Speeding up Word Mover's Distance and its variants via properties of distances between embeddings
This work addresses a computational bottleneck for researchers and practitioners using semantic document distances in classification tasks, but it is incremental as it builds on existing variants like RWMD.
The paper tackles the high computational complexity of Word Mover's Distance (WMD) and its variants, which limits their practicality for large datasets, by proposing an approach that speeds up both WMD and Relaxed Word Mover's Distance (RWMD) based on empirical properties of embedding distances.

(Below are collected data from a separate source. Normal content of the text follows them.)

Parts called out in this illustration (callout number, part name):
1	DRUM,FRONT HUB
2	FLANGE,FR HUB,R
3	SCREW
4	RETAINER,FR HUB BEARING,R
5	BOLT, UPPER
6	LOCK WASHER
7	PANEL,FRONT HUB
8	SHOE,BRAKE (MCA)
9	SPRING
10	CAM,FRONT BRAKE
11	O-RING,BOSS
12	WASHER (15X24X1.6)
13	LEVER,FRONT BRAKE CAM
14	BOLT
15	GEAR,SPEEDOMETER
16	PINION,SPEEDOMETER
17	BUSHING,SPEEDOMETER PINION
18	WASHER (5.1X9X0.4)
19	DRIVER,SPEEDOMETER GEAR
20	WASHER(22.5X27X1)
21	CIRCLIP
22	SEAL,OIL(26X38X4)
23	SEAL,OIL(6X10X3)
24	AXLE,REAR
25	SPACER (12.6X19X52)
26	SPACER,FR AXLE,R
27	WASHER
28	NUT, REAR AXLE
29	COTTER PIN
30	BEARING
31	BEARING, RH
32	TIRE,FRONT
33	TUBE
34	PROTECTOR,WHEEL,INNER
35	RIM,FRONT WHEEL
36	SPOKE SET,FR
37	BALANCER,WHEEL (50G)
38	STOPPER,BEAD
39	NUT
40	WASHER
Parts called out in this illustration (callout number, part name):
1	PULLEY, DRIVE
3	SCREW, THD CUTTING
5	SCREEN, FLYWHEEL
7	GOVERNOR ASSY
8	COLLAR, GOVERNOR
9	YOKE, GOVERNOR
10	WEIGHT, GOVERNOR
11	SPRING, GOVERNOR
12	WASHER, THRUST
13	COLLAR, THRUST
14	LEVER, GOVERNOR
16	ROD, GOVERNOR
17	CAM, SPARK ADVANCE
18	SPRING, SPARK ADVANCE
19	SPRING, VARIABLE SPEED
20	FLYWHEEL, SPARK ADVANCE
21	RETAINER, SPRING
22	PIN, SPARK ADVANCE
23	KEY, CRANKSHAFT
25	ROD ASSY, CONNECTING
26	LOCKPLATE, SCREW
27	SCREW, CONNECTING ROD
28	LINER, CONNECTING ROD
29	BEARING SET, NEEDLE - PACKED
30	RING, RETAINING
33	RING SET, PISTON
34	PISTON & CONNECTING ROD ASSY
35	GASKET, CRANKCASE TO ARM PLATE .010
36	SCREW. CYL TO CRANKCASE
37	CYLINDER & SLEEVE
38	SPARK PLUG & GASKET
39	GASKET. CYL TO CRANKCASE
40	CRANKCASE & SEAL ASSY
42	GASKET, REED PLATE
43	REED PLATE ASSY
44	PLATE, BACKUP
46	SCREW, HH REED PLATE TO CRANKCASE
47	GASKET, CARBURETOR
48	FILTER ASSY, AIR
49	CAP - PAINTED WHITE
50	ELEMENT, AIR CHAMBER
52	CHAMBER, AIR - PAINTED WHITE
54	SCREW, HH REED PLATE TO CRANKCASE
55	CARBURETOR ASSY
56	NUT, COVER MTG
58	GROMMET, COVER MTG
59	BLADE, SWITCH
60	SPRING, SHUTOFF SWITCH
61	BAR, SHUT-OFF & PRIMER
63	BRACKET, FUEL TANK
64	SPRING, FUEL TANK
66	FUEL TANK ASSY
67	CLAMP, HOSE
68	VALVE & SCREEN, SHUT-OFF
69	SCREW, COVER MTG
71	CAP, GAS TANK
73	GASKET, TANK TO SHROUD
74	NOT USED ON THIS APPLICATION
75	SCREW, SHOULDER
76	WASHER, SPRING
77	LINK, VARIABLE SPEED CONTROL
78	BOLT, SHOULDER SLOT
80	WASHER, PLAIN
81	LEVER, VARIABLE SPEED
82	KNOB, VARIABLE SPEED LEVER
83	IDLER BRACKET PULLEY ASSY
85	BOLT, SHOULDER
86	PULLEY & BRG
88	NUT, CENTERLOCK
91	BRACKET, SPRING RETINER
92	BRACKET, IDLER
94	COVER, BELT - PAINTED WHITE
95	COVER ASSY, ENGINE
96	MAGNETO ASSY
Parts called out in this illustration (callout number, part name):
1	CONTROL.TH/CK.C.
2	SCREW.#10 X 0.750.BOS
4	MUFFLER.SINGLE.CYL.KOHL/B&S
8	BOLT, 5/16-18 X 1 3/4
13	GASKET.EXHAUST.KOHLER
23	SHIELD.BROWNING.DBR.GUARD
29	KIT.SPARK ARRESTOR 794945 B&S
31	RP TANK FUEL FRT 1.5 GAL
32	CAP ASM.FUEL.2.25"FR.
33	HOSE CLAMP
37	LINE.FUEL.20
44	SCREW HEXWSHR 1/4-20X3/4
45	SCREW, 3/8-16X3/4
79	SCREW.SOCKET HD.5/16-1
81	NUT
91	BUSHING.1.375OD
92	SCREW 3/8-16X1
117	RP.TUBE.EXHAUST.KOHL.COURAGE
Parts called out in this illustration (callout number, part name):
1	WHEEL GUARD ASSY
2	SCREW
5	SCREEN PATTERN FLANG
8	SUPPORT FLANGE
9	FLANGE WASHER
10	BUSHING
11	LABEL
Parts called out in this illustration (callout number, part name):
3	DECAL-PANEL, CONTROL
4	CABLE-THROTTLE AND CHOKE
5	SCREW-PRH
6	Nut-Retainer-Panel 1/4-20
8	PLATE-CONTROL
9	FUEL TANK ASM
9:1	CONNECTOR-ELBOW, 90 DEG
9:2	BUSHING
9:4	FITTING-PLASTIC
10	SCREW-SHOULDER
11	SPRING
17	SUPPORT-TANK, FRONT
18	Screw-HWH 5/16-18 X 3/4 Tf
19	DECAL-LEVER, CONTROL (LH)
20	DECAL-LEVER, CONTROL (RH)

Experiments on 10 datasets show a significant speed-up while maintaining the same error rates.
The Word Mover's Distance (WMD) proposed by Kusner et al. is a distance between documents that takes advantage of semantic relations among words that are captured by their embeddings. This distance proved to be quite effective, obtaining state-of-art error rates for classification tasks, but is also impracticable for large collections/documents due to its computational complexity. For circumventing this problem, variants of WMD have been proposed. Among them, Relaxed Word Mover's Distance (RWMD) is one of the most successful due to its simplicity, effectiveness, and also because of its fast implementations. Relying on assumptions that are supported by empirical properties of the distances between embeddings, we propose an approach to speed up both WMD and RWMD. Experiments over 10 datasets suggest that our approach leads to a significant speed-up in document classification tasks while maintaining the same error rates.